▶ _ABOUT THIS EXERCISE_:
Each entry is to be retyped without alteration, and no picture is to be included.

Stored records
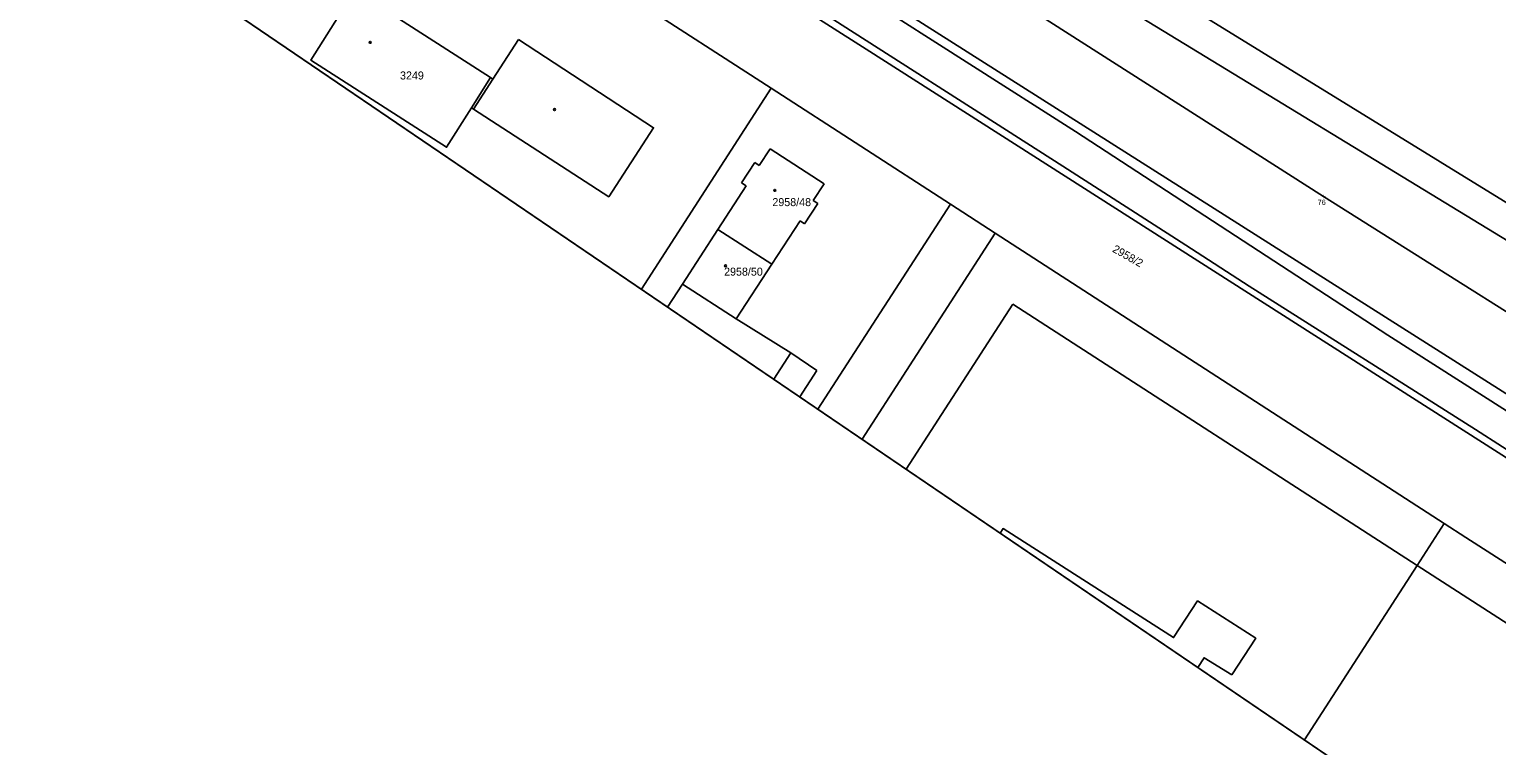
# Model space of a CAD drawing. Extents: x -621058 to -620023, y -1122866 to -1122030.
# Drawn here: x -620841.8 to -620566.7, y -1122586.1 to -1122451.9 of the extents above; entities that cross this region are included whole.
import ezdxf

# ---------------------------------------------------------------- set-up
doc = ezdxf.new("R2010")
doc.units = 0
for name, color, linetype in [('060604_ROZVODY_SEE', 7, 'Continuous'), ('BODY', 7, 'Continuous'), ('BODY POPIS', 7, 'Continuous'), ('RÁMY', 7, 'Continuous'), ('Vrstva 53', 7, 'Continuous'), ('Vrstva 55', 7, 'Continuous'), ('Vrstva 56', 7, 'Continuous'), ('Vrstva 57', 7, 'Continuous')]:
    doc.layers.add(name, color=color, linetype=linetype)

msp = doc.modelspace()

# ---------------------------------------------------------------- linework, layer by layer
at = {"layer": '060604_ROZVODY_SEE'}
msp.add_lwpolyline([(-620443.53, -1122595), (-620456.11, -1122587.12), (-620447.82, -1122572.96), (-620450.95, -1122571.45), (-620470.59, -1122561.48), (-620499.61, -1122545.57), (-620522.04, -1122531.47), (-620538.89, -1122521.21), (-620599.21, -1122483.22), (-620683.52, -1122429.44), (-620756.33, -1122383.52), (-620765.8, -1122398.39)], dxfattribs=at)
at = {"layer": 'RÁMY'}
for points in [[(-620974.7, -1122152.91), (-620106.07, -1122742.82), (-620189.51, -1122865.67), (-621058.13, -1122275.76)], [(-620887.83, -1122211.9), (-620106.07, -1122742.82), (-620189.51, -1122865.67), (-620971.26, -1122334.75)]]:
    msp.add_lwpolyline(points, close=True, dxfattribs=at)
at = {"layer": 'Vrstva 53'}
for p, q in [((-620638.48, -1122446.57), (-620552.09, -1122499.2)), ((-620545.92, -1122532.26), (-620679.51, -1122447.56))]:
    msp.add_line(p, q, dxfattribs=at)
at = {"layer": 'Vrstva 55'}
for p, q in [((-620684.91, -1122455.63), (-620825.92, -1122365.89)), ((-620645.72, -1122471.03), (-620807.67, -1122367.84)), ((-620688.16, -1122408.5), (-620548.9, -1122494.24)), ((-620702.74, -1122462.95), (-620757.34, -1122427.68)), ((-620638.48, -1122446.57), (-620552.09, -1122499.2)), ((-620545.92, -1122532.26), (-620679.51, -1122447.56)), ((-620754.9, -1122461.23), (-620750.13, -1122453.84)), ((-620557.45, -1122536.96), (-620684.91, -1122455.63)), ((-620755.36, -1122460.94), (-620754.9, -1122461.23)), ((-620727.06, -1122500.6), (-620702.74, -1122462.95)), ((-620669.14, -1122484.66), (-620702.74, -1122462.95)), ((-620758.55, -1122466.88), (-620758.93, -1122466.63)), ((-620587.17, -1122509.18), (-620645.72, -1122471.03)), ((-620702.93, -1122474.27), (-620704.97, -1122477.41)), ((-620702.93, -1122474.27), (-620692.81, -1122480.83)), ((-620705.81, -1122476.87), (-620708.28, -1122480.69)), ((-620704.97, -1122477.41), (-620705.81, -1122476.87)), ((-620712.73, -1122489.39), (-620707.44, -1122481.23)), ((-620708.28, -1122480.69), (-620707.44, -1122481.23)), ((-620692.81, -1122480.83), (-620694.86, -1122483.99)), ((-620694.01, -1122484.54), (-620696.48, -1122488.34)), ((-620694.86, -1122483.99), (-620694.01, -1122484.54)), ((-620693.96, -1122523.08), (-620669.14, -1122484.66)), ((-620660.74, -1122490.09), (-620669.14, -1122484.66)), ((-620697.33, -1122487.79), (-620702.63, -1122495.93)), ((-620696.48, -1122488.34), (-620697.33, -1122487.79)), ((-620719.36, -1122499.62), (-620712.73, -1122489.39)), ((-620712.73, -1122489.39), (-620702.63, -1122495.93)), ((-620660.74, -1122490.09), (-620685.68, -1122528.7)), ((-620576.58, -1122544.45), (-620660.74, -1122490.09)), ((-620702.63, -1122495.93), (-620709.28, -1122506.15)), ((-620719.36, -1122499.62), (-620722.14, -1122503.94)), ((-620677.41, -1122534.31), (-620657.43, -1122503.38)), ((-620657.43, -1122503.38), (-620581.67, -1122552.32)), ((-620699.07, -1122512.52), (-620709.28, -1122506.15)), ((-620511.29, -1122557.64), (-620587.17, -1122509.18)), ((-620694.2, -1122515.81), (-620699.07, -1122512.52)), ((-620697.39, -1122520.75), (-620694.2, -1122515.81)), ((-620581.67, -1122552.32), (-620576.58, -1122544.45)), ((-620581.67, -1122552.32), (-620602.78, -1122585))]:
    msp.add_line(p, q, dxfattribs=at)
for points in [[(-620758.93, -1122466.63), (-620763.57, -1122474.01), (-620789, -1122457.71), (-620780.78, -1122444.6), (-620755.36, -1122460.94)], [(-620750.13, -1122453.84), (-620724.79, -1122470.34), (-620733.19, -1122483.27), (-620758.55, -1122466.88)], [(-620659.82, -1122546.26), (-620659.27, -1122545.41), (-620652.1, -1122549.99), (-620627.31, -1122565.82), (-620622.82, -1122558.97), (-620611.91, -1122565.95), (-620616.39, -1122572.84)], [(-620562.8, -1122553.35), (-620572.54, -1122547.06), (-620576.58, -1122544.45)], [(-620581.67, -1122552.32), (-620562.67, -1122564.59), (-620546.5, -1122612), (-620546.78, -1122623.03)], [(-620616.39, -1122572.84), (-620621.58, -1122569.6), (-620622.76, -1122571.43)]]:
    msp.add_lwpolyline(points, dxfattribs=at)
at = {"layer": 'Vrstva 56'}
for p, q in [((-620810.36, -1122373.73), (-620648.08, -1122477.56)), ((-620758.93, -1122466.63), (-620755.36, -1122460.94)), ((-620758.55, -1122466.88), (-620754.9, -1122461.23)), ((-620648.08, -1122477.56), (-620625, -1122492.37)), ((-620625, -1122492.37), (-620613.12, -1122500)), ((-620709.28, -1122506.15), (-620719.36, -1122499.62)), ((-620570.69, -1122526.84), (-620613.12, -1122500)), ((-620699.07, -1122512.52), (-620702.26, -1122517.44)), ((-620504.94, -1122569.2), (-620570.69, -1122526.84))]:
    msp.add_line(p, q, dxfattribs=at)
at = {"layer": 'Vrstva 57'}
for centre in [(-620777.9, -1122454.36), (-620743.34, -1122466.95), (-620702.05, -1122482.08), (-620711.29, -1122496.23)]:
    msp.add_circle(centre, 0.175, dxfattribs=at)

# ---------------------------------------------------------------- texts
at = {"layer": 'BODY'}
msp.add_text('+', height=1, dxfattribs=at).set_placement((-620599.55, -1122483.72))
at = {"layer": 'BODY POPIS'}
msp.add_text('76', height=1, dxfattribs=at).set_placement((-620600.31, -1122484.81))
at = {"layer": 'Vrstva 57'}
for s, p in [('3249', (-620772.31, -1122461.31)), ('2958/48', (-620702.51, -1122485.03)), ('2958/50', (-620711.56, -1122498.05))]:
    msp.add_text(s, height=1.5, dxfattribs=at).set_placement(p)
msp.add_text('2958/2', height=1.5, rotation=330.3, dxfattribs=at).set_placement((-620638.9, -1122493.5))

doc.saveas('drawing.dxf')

▶ _REPLY TO THE EXERCISE_:
# Model space of a CAD drawing. Extents: x -621058 to -620023, y -1122866 to -1122030.
# Drawn here: x -620841.8 to -620566.7, y -1122586.1 to -1122451.9 of the extents above; entities that cross this region are included whole.
import ezdxf

# ---------------------------------------------------------------- set-up
doc = ezdxf.new("R2010")
doc.units = 0
for name, color, linetype in [('060604_ROZVODY_SEE', 7, 'Continuous'), ('BODY', 7, 'Continuous'), ('BODY POPIS', 7, 'Continuous'), ('RÁMY', 7, 'Continuous'), ('Vrstva 53', 7, 'Continuous'), ('Vrstva 55', 7, 'Continuous'), ('Vrstva 56', 7, 'Continuous'), ('Vrstva 57', 7, 'Continuous')]:
    doc.layers.add(name, color=color, linetype=linetype)

msp = doc.modelspace()

# ---------------------------------------------------------------- linework, layer by layer
at = {"layer": '060604_ROZVODY_SEE'}
msp.add_lwpolyline([(-620443.53, -1122595), (-620456.11, -1122587.12), (-620447.82, -1122572.96), (-620450.95, -1122571.45), (-620470.59, -1122561.48), (-620499.61, -1122545.57), (-620522.04, -1122531.47), (-620538.89, -1122521.21), (-620599.21, -1122483.22), (-620683.52, -1122429.44), (-620756.33, -1122383.52), (-620765.8, -1122398.39)], dxfattribs=at)
at = {"layer": 'RÁMY'}
for points in [[(-620974.7, -1122152.91), (-620106.07, -1122742.82), (-620189.51, -1122865.67), (-621058.13, -1122275.76)], [(-620887.83, -1122211.9), (-620106.07, -1122742.82), (-620189.51, -1122865.67), (-620971.26, -1122334.75)]]:
    msp.add_lwpolyline(points, close=True, dxfattribs=at)
at = {"layer": 'Vrstva 53'}
for p, q in [((-620638.48, -1122446.57), (-620552.09, -1122499.2)), ((-620545.92, -1122532.26), (-620679.51, -1122447.56))]:
    msp.add_line(p, q, dxfattribs=at)
at = {"layer": 'Vrstva 55'}
for p, q in [((-620684.91, -1122455.63), (-620825.92, -1122365.89)), ((-620645.72, -1122471.03), (-620807.67, -1122367.84)), ((-620688.16, -1122408.5), (-620548.9, -1122494.24)), ((-620702.74, -1122462.95), (-620757.34, -1122427.68)), ((-620638.48, -1122446.57), (-620552.09, -1122499.2)), ((-620545.92, -1122532.26), (-620679.51, -1122447.56)), ((-620754.9, -1122461.23), (-620750.13, -1122453.84)), ((-620557.45, -1122536.96), (-620684.91, -1122455.63)), ((-620755.36, -1122460.94), (-620754.9, -1122461.23)), ((-620727.06, -1122500.6), (-620702.74, -1122462.95)), ((-620669.14, -1122484.66), (-620702.74, -1122462.95)), ((-620758.55, -1122466.88), (-620758.93, -1122466.63)), ((-620587.17, -1122509.18), (-620645.72, -1122471.03)), ((-620702.93, -1122474.27), (-620704.97, -1122477.41)), ((-620702.93, -1122474.27), (-620692.81, -1122480.83)), ((-620705.81, -1122476.87), (-620708.28, -1122480.69)), ((-620704.97, -1122477.41), (-620705.81, -1122476.87)), ((-620712.73, -1122489.39), (-620707.44, -1122481.23)), ((-620708.28, -1122480.69), (-620707.44, -1122481.23)), ((-620692.81, -1122480.83), (-620694.86, -1122483.99)), ((-620694.01, -1122484.54), (-620696.48, -1122488.34)), ((-620694.86, -1122483.99), (-620694.01, -1122484.54)), ((-620693.96, -1122523.08), (-620669.14, -1122484.66)), ((-620660.74, -1122490.09), (-620669.14, -1122484.66)), ((-620697.33, -1122487.79), (-620702.63, -1122495.93)), ((-620696.48, -1122488.34), (-620697.33, -1122487.79)), ((-620719.36, -1122499.62), (-620712.73, -1122489.39)), ((-620712.73, -1122489.39), (-620702.63, -1122495.93)), ((-620660.74, -1122490.09), (-620685.68, -1122528.7)), ((-620576.58, -1122544.45), (-620660.74, -1122490.09)), ((-620702.63, -1122495.93), (-620709.28, -1122506.15)), ((-620719.36, -1122499.62), (-620722.14, -1122503.94)), ((-620677.41, -1122534.31), (-620657.43, -1122503.38)), ((-620657.43, -1122503.38), (-620581.67, -1122552.32)), ((-620699.07, -1122512.52), (-620709.28, -1122506.15)), ((-620511.29, -1122557.64), (-620587.17, -1122509.18)), ((-620694.2, -1122515.81), (-620699.07, -1122512.52)), ((-620697.39, -1122520.75), (-620694.2, -1122515.81)), ((-620581.67, -1122552.32), (-620576.58, -1122544.45)), ((-620581.67, -1122552.32), (-620602.78, -1122585))]:
    msp.add_line(p, q, dxfattribs=at)
for points in [[(-620758.93, -1122466.63), (-620763.57, -1122474.01), (-620789, -1122457.71), (-620780.78, -1122444.6), (-620755.36, -1122460.94)], [(-620750.13, -1122453.84), (-620724.79, -1122470.34), (-620733.19, -1122483.27), (-620758.55, -1122466.88)], [(-620659.82, -1122546.26), (-620659.27, -1122545.41), (-620652.1, -1122549.99), (-620627.31, -1122565.82), (-620622.82, -1122558.97), (-620611.91, -1122565.95), (-620616.39, -1122572.84)], [(-620562.8, -1122553.35), (-620572.54, -1122547.06), (-620576.58, -1122544.45)], [(-620581.67, -1122552.32), (-620562.67, -1122564.59), (-620546.5, -1122612), (-620546.78, -1122623.03)], [(-620616.39, -1122572.84), (-620621.58, -1122569.6), (-620622.76, -1122571.43)]]:
    msp.add_lwpolyline(points, dxfattribs=at)
at = {"layer": 'Vrstva 56'}
for p, q in [((-620810.36, -1122373.73), (-620648.08, -1122477.56)), ((-620758.93, -1122466.63), (-620755.36, -1122460.94)), ((-620758.55, -1122466.88), (-620754.9, -1122461.23)), ((-620648.08, -1122477.56), (-620625, -1122492.37)), ((-620625, -1122492.37), (-620613.12, -1122500)), ((-620709.28, -1122506.15), (-620719.36, -1122499.62)), ((-620570.69, -1122526.84), (-620613.12, -1122500)), ((-620699.07, -1122512.52), (-620702.26, -1122517.44)), ((-620504.94, -1122569.2), (-620570.69, -1122526.84))]:
    msp.add_line(p, q, dxfattribs=at)
at = {"layer": 'Vrstva 57'}
for centre in [(-620777.9, -1122454.36), (-620743.34, -1122466.95), (-620702.05, -1122482.08), (-620711.29, -1122496.23)]:
    msp.add_circle(centre, 0.175, dxfattribs=at)

# ---------------------------------------------------------------- texts
at = {"layer": 'BODY'}
msp.add_text('+', height=1, dxfattribs=at).set_placement((-620599.55, -1122483.72))
at = {"layer": 'BODY POPIS'}
msp.add_text('76', height=1, dxfattribs=at).set_placement((-620600.31, -1122484.81))
at = {"layer": 'Vrstva 57'}
for s, p in [('3249', (-620772.31, -1122461.31)), ('2958/48', (-620702.51, -1122485.03)), ('2958/50', (-620711.56, -1122498.05))]:
    msp.add_text(s, height=1.5, dxfattribs=at).set_placement(p)
msp.add_text('2958/2', height=1.5, rotation=330.3, dxfattribs=at).set_placement((-620638.9, -1122493.5))

doc.saveas('drawing.dxf')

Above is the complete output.